See Geraud, Mercadier, in Bibliothèque de l’École des Chartes, 1st series, t. iii., pp. 417–443.

MERCANTILE (or Commercial) AGENCIES, the name given in America to organizations designed to collect, record and distribute to regular clients information relative to the standing of commercial firms. In Great Britain and some European countries trade protective societies, composed of merchants and tradesmen, are formed for the promotion of trade, and members exchange information regarding the standing of business houses. These societies had their origin in the associations formed in the middle of the 19th century for the purpose of disseminating information regarding bankruptcies, assignments and bills of sale. The mercantile agency in the United States is a much more comprehensive organization. It came into existence after the financial crisis of 1837. Trade in the United States had become scattered over a wide territory. Communication was slow, and the town merchant was without adequate information as to the standing of many business men seeking credit. Undoubtedly the severity of the collapse of 1837 was due in part to the insufficiency of this information. New York merchants, who had suffered so severely, determined to organize a headquarters where reports regarding the standing of customers could be exchanged. Lewis Tappan (1788–1873), founder of the Journal of Commerce (1828) and a prominent anti-slavery leader, undertook the work, and established in New York, in 1841, the Mercantile Agency, the first organization of its kind. The system has been wonderfully developed and extended since.


MERCANTILE SYSTEM, the name given to the economic policy which developed in Europe at the close of the middle ages. The doctrine of the mercantile system, stated in its most extreme form, made wealth and money identical, and regarded it therefore as the great object of a community so to conduct its dealings with other nations as to attract to itself the largest possible share of the precious metals. Each country’s interest was to export the utmost possible quantity of its own manufactures and to import as little as possible of those of other countries, receiving the difference of the two values in gold and silver.
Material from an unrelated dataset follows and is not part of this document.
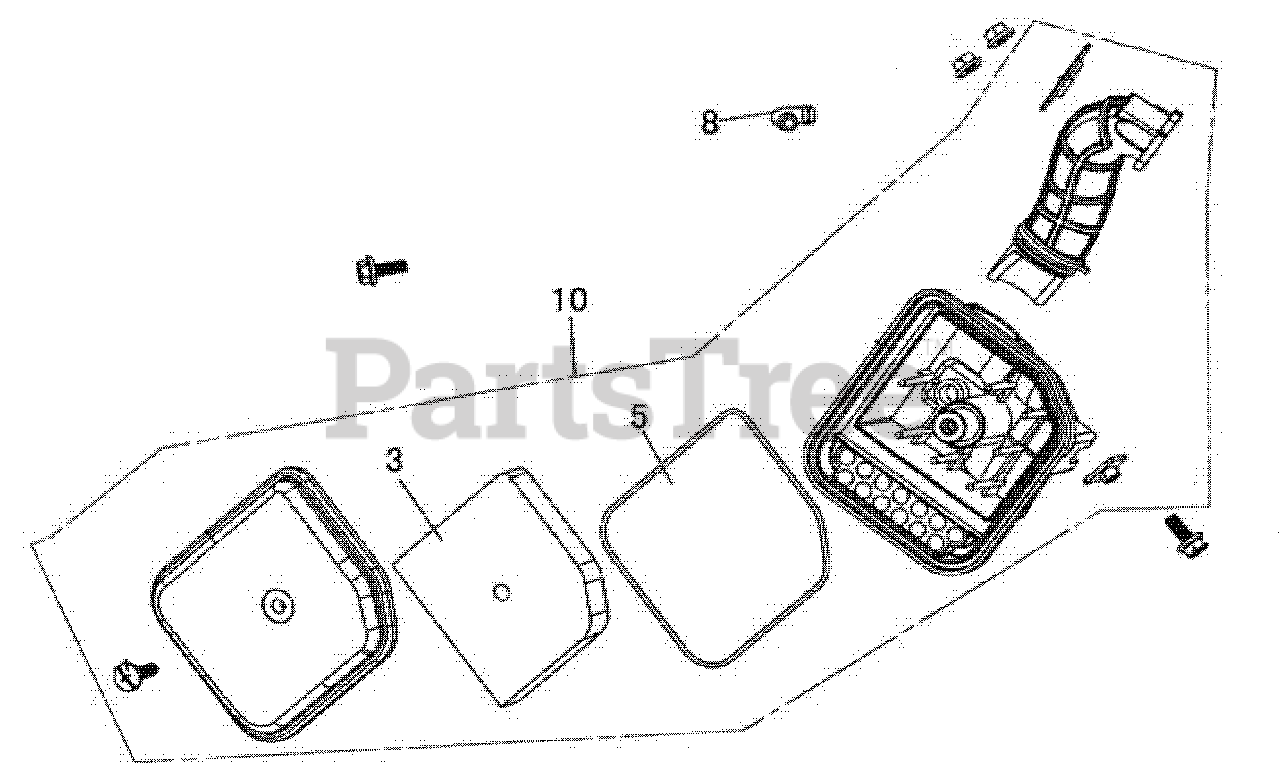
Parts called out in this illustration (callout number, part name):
3	SPONGE, SPARSITY
5	SEAL, AIR CLEANER
8	TIE-IN TUBE, BREATHER
10	AIR CLEANER ASSY

This difference is called the balance of trade, and the balance is favourable when more money is received than is paid. Governments might resort to all available expedients—prohibition of, or high duties on, the importation of foreign wares, bounties on the export of home manufactures, restrictions on the export of the precious metals—for the purpose of securing such a balance.
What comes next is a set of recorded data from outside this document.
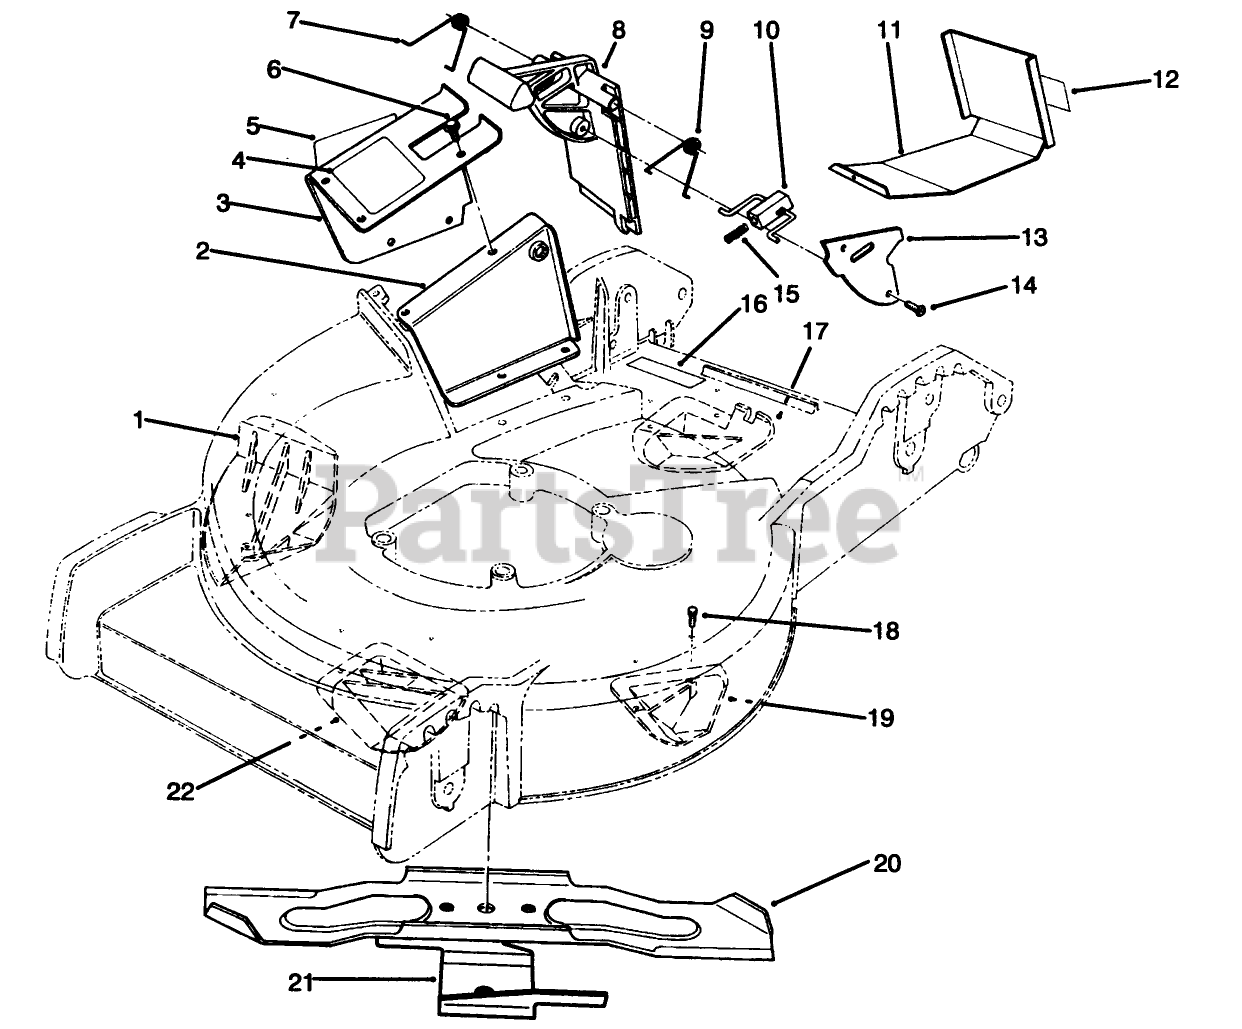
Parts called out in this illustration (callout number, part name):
1	KICKER
2	Tunnel-Inner
3	Tunnel-Outer (Incl. Ref. #4 & 5)
4	DECAL - CAUTION DOOR
5	DECAL-DANGER
6	SCREW-HWH
7	SPRING-DOOR, RH
9	LH DOOR SPRING
10	LATCH-DOOR
11	Discharge Plug Assembly (Incl. Ref. #12)
12	DECAL - WARNING
13	DOOR COVER
15	SPRING-COMPRESSION, LATCH
16	DECAL - CAUTION
17	KICKER
18	SCREW-PPH
19	KICKER
20	Blade-18"
21	18 ACCELERATOR
22	KICKER

But this statement of the doctrine, though current in textbooks, does not represent correctly the views of all who belonged to the mercantile school. Many members of that school were much too clear-sighted to entertain the belief that wealth consists exclusively of gold and silver. The mercantilists may be best described, as W. G. F. Roscher remarked, not by any definite economic theorem which they held in common, but by a set of theoretic tendencies, commonly found in combination, though severely prevailing in different degrees in different minds. The underlying principles may be enumerated as follows: (1) the importance of possessing a large amount of the precious metals; (2) an exaltation (a) of foreign trade over domestic, and (b) of the industry which works up materials over that which provides them; (3) the value of a dense population as an element of national strength; and (4) the employment of state action in furthering artificially the attainment of the ends proposed.